# Mount Pleasant Pier Speckled Trout



## Khondker (Aug 17, 2012)

We came in Charleston yesterday on vacation.

One vary good news for me, caught a 20 inch speckled trout on small live Crocker (wife caught the Crocker and told me to use it for bait).

My picture was taken by famous local fisherman Jiggin Jerry (I watched almost all of his YouTube video), he told me he will post the picture on YouTube.

Once I came in yesterday I went to pier to look around, sure enough I found Jiggin Jery and ask him for few tips.

Wife caught tons of pin fish.


----------



## Khondker (Aug 17, 2012)

Went back again after sunset, caught my first flounder on mud minnow, it was 12 inch, not a keeper had to let it go.


----------



## MadDawgJ (Apr 16, 2016)

Pics or it didn't happen.


----------



## Digger54 (Sep 11, 2012)

Khondker said:


> We came in Charleston yesterday on vacation.
> 
> One vary good news for me, caught a 20 inch speckled trout on small live Crocker (wife caught the Crocker and told me to use it for bait).
> 
> ...


Croaker. As in Atlantic Croaker. Not making fun, just educating.

A Crocker is me telling fish lies.


----------



## Jerktherod! (May 18, 2016)

Doubt it was a spec, temps are to warm. Even if you do catch one, doubt they will be in the 20 inch range


----------



## Jerktherod! (May 18, 2016)

Add the live croaker for bait. It's bs


----------



## Khondker (Aug 17, 2012)

Jiggin Jerry caught 21 inch on Monday, Steve (local pier rat, who fish with Jiggin Jerry) caught one 19 inch Monday, Yeaterday Jiggin Jerry caught 8 flounder. Today and yesterday I watched the local boys catching flounder, sheepshead, red drum and speckled trout.
I caught 15.5 inch speckled trout on mud minnow this morning.

Lost few mud minnow this morning, blues ate back half of the minnows.

I will post pictures when I go back home.


----------



## Digger54 (Sep 11, 2012)

Here's a video of some guys in Florida doing a little game they came up with where they cast live Croakers as far under a dock as possible then try to get their catch out and to the boat without a cutoff. Check out the size of the Speckled Trout they are catching on the Croakers.

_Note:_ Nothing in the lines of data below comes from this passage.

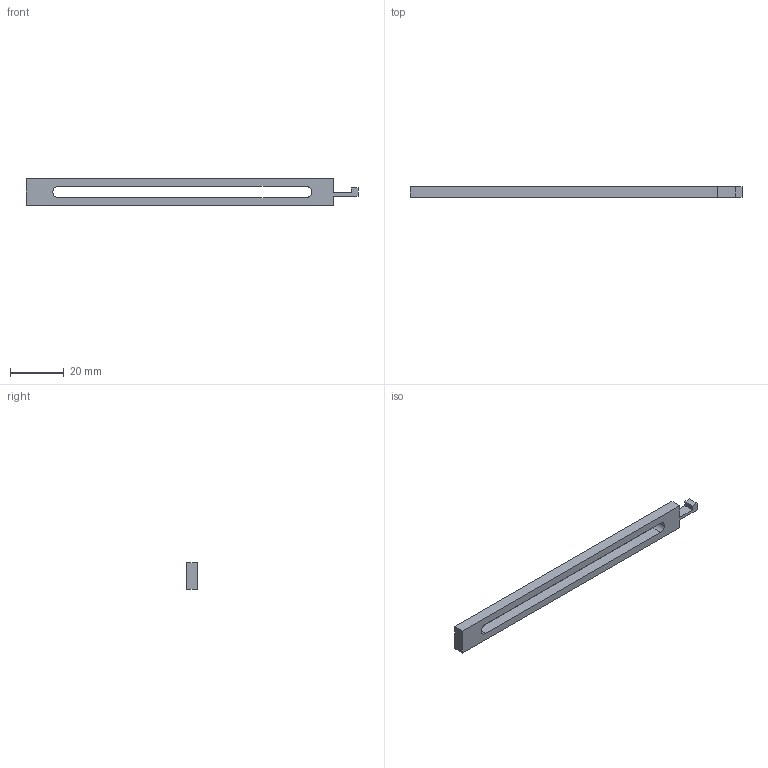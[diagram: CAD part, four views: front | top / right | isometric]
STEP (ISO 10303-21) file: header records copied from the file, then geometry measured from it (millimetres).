
FILE_DESCRIPTION(('Open CASCADE Model'),'2;1');
FILE_NAME('Open CASCADE Shape Model','2026-11-08T07:33:08',('Author'),( 'Open CASCADE'),'Open CASCADE STEP processor 7.8','Open CASCADE 7.8' ,'Unknown');
FILE_SCHEMA(('AUTOMOTIVE_DESIGN { 1 0 10303 214 1 1 1 1 }'));
Length unit declared in the file: millimetre
Products named in the file (1): Open CASCADE STEP translator 7.8 17
Bounding box: 123.25 x 4 x 10 mm (x, y, z)
Volume: 3021.4 mm3; surface area: 3379.9 mm2
Topology: 1 solids, 1 shells, 16 faces, 42 edges, 28 vertices
Faces by surface type: plane 14, cylinder 2
Entity records: 1062 total; most frequent: CARTESIAN_POINT 195, DIRECTION 160, LINE 118, VECTOR 118, ORIENTED_EDGE 84, PCURVE 84, DEFINITIONAL_REPRESENTATION 84, EDGE_CURVE 42
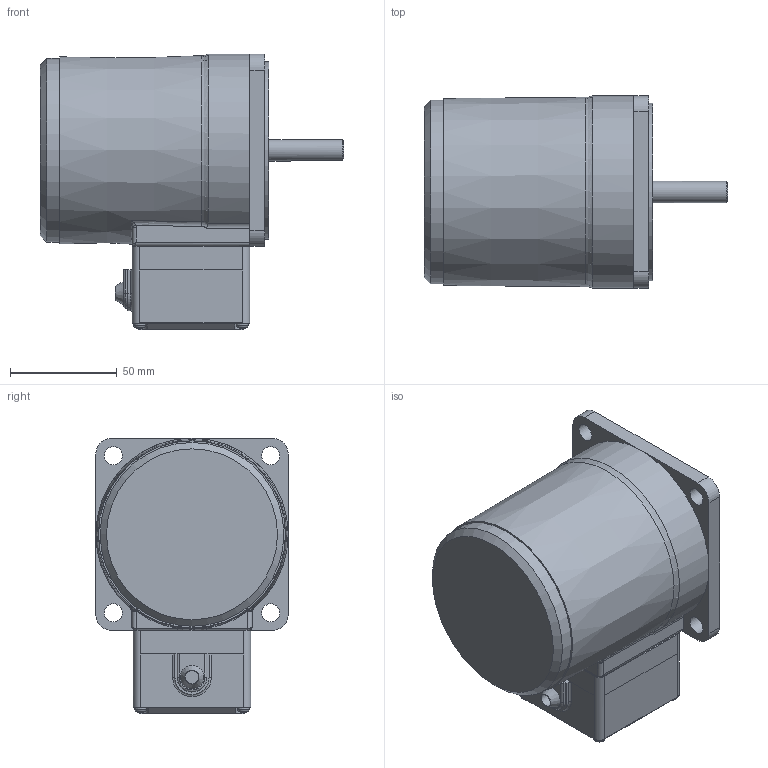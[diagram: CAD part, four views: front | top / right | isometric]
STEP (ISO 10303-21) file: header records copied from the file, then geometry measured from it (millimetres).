
FILE_DESCRIPTION(/* description */ (''),/* implementation_level */ '2;1');
FILE_NAME(/* name */ 'E:\도면작업\2016\0704) 미주향 SG 도면\3D MOTOR\TERMINAL BOX TYPE\INDUCTION TERMINAL BOX\SG9I40K_-T1.stp',/* time_stamp */ '2017-01-23T18:35:42+09:00',/* author */ ('jy-jung'),/* organization */ (''),/* preprocessor_version */ 'ST-DEVELOPER v15.6',/* originating_system */ 'Autodesk Inventor 2015',/* authorisation */ '');
FILE_SCHEMA (('AUTOMOTIVE_DESIGN { 1 0 10303 214 3 1 1 }'));
Length unit declared in the file: millimetre
Products named in the file (1): 부품1
Bounding box: 142 x 90 x 129 mm (x, y, z)
Volume: 778149.7 mm3; surface area: 58891.8 mm2
Topology: 1 solids, 2 shells, 253 faces, 675 edges, 433 vertices
Faces by surface type: plane 111, cylinder 52, cone 44, torus 24, bspline 18, sphere 4
Full cylindrical faces by diameter (mm): 8 x1, 8.5 x4, 10 x1, 40 x1, 83 x1, 86 x1
Entity records: 8746 total; most frequent: CARTESIAN_POINT 2537, ORIENTED_EDGE 1272, DIRECTION 1236, EDGE_CURVE 636, AXIS2_PLACEMENT_3D 478, VERTEX_POINT 422, EDGE_LOOP 296, LINE 280
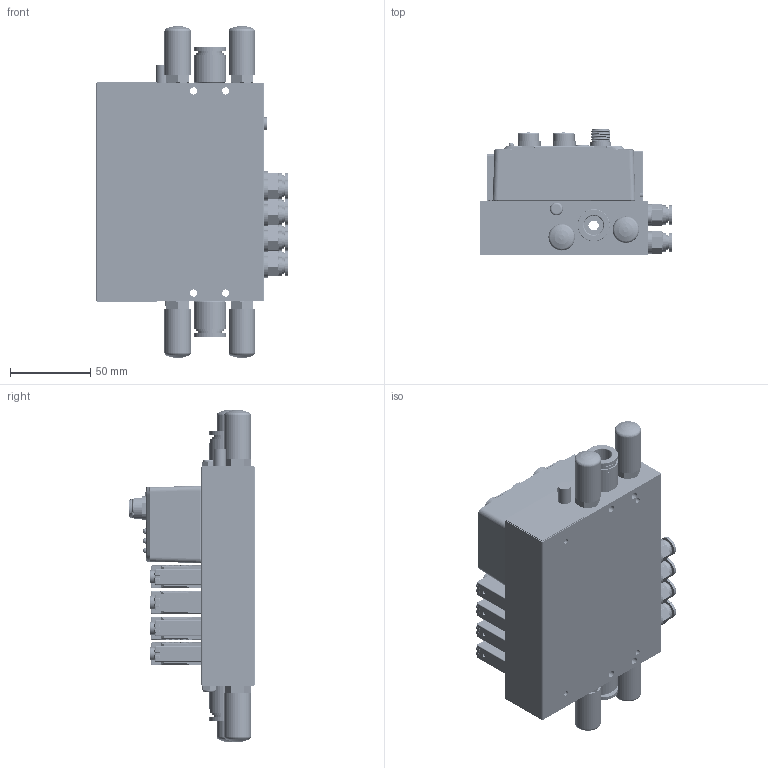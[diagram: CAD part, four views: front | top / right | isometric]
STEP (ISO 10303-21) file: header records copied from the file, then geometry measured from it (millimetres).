
FILE_DESCRIPTION(/* description */ (''),/* implementation_level */ '2;1');
FILE_NAME(/* name */ 'EV-XX-F2-4-X-XX-XX-A-X-C.stp',/* time_stamp */ '2025-09-30T10:22:13+08:00',/* author */ (''),/* organization */ (''),/* preprocessor_version */ 'ST-DEVELOPER v19.4',/* originating_system */ 'SIEMENS PLM Software NX2212.7001',/* authorisation */ '');
FILE_SCHEMA (('AUTOMOTIVE_DESIGN { 1 0 10303 214 3 1 1 1 }'));
Products named in the file (1): EV-EC-F2-A1B9X2-L-12-06-A-I-C_objects
Bounding box: 119.9 x 78.8 x 207 mm (x, y, z)
Volume: 627301.7 mm3; surface area: 190808.9 mm2
Topology: 20 solids, 37 shells, 4592 faces, 11758 edges, 7465 vertices
Faces by surface type: cylinder 1893, plane 1840, torus 401, cone 211, bspline 149, sphere 96, extrusion 2
Full cylindrical faces by diameter (mm): 1 x5, 1.05 x5, 1.2 x8, 1.4 x4, 1.5 x4, 1.7 x8, 2.05 x12, 2.15 x2, 2.3 x4, 2.48 x4, 2.5 x3, 2.8 x4, 3.3 x2, 3.446 x6, 3.5 x7, 3.7 x1, 4 x2, 4.134 x5, 4.3 x4, 4.5 x4, 5.1 x8, 5.3 x8, 5.4 x2, 5.5 x26, 6 x1, 6.2 x16, 8 x9, 8.1 x8, 8.3 x1, 8.566 x5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
Entity records: 172693 total; most frequent: CARTESIAN_POINT 39758, DIRECTION 23706, ORIENTED_EDGE 22458, EDGE_CURVE 11229, AXIS2_PLACEMENT_3D 8996, VERTEX_POINT 7294, VECTOR 5714, LINE 5712
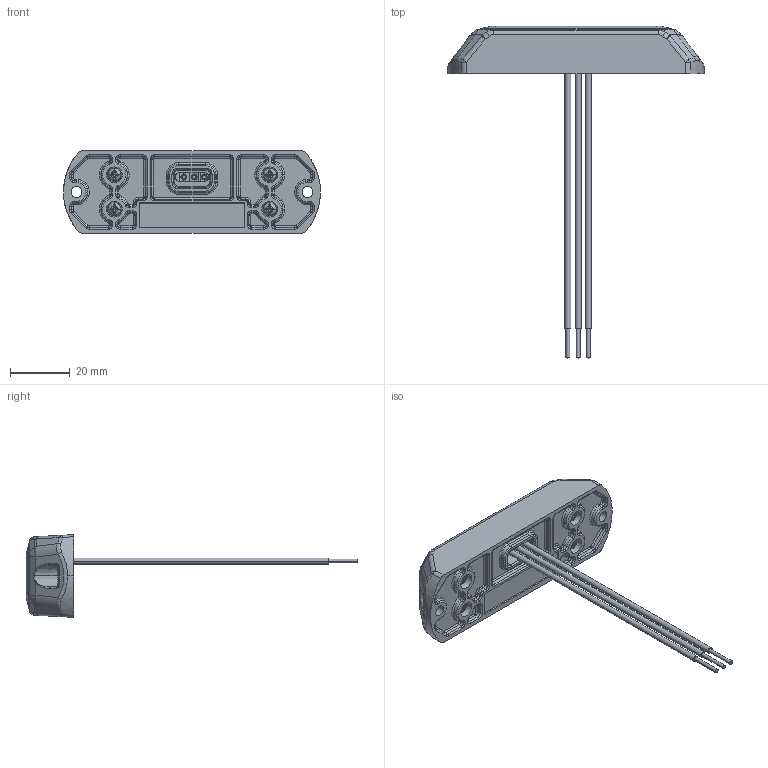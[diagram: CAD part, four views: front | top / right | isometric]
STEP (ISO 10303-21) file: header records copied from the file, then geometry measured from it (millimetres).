
FILE_DESCRIPTION(('CATIA V5 STEP Exchange','CAx-IF Rec.Pracs.--- Model Styling and Organization---1.5--- 2016-08-15','CAx-IF Rec.Pracs.---Supplemental Geometry---1.0---2011-11-01','CAx-IF Rec.Pracs.--- Composite Materials ---1.1---2010-07-15'),'2;1');
FILE_NAME('E:\tmp\ddx\2011221\HELLA_3D_data_BST_3-LED_fix_014-561.stp','2022-01-18T07:45:31+00:00',('none'),('none'),'CATIA Version 5-6 Release 2020 SP3 HF9','CATIA V5 STEP AP214 Edition 3 v2','none');
FILE_SCHEMA(('AUTOMOTIVE_DESIGN { 1 0 10303 214 3 1 1 1 }'));
Products named in the file (1): 10002324913_D10_001
Bounding box: 85.98 x 111.06 x 27.66 mm (x, y, z)
Volume: 888 mm3; surface area: 15974.2 mm2
Topology: 3 solids, 5 shells, 1178 faces, 2928 edges, 1764 vertices
Faces by surface type: cylinder 357, plane 266, cone 204, torus 160, bspline 156, sphere 35
Entity records: 42454 total; most frequent: CARTESIAN_POINT 17845, ORIENTED_EDGE 5790, DIRECTION 3824, EDGE_CURVE 2901, VERTEX_POINT 1764, AXIS2_PLACEMENT_3D 1750, EDGE_LOOP 1225, ADVANCED_FACE 1178
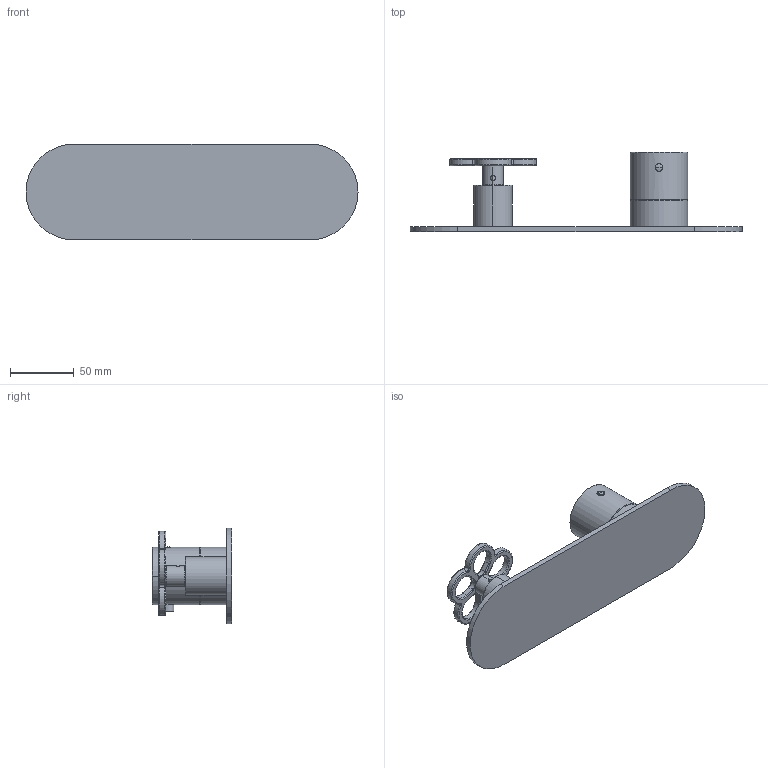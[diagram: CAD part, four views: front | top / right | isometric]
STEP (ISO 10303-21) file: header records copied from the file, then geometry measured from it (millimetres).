
FILE_DESCRIPTION((''),'2;1');
FILE_NAME('20930T772B000000_SW0001','2023-01-31T17:47:24',('matteo.follador'),(''),'CREO PARAMETRIC BY PTC INC, 2020281','CREO PARAMETRIC BY PTC INC, 2020281','');
FILE_SCHEMA(('AUTOMOTIVE_DESIGN { 1 0 10303 214 1 1 1 1 }'));
Length unit declared in the file: millimetre
Products named in the file (1): 20930T772B000000_SW0001
Bounding box: 260 x 62.3 x 75 mm (x, y, z)
Volume: 161336.6 mm3; surface area: 72505.5 mm2
Topology: 5 solids, 7 shells, 867 faces, 2289 edges, 1477 vertices
Faces by surface type: plane 617, cylinder 126, torus 64, cone 42, bspline 16, sphere 2
Entity records: 35640 total; most frequent: CARTESIAN_POINT 7804, ORIENTED_EDGE 4574, DIRECTION 4312, EDGE_CURVE 2287, VECTOR 1817, LINE 1817, VERTEX_POINT 1477, AXIS2_PLACEMENT_3D 1246

https://www.youtube.com/watch?v=9kg969Llyfs&feature=em-subs_digest


----------



## Fatback (Aug 6, 2003)

Congrats on the big Trout man. Twenty inches is a real nice one. Good catch. That Flounder you landed would have been a keeper back home in GA. Looking forward to seeing your pictures. Well done.

When Speckled Trout get to the upper teens and bigger they start feeding exclusively on fish around structure.


----------



## RjTheMetalhead (Dec 3, 2011)

Jerktherod! said:


> Doubt it was a spec, temps are to warm. Even if you do catch one, doubt they will be in the 20 inch range


Lol, you may not know what you are talking about.
Ive seen them caught to 6 pounds in July and August.


----------



## RjTheMetalhead (Dec 3, 2011)

Little pinfish are trout killers too.


----------



## toyotaman29 (Feb 16, 2014)

Digger54 said:


> Here's a video of some guys in Florida doing a little game they came up with where they cast live Croakers as far under a dock as possible then try to get their catch out and to the boat without a cutoff. Check out the size of the Speckled Trout they are catching on the Croakers.
> 
> https://www.youtube.com/watch?v=9kg969Llyfs&feature=em-subs_digest


Yea, Jerry and his guys know how to catch them, all great vids also and those trout were huge....


----------



## Khondker (Aug 17, 2012)

Managed to post the picture from hotel room. Me and Jiggin Jerry yesterday with 20 inch speckled trout (I think clicking on the picture will enlarge the view).


----------



## Khondker (Aug 17, 2012)

Trout this morning 15.5 inch.


----------



## Khondker (Aug 17, 2012)

Flounder last night 12 inch.







.


----------



## Khondker (Aug 17, 2012)

RjTheMetalhead said:


> Little pinfish are trout killers too.


Jerry and his boys told me the same thing.


----------



## fishinbob (May 27, 2011)

Awesome fish! Might be headed down that way in a few weeks.


----------



## MadDawgJ (Apr 16, 2016)

Nice catch. Thanks for the fish porn, working too much this week to get out myself and catch anything


----------



## SmoothLures (Feb 13, 2008)

Jerktherod! said:


> Add the live croaker for bait. It's bs


You're funny. Big trout LOVE live croaker, as well as flounder. Plenty in the suds even this time of year, not to mention the Mt. Pleasant pier is in the Charleston Harbor.


----------



## abass105 (Jun 13, 2006)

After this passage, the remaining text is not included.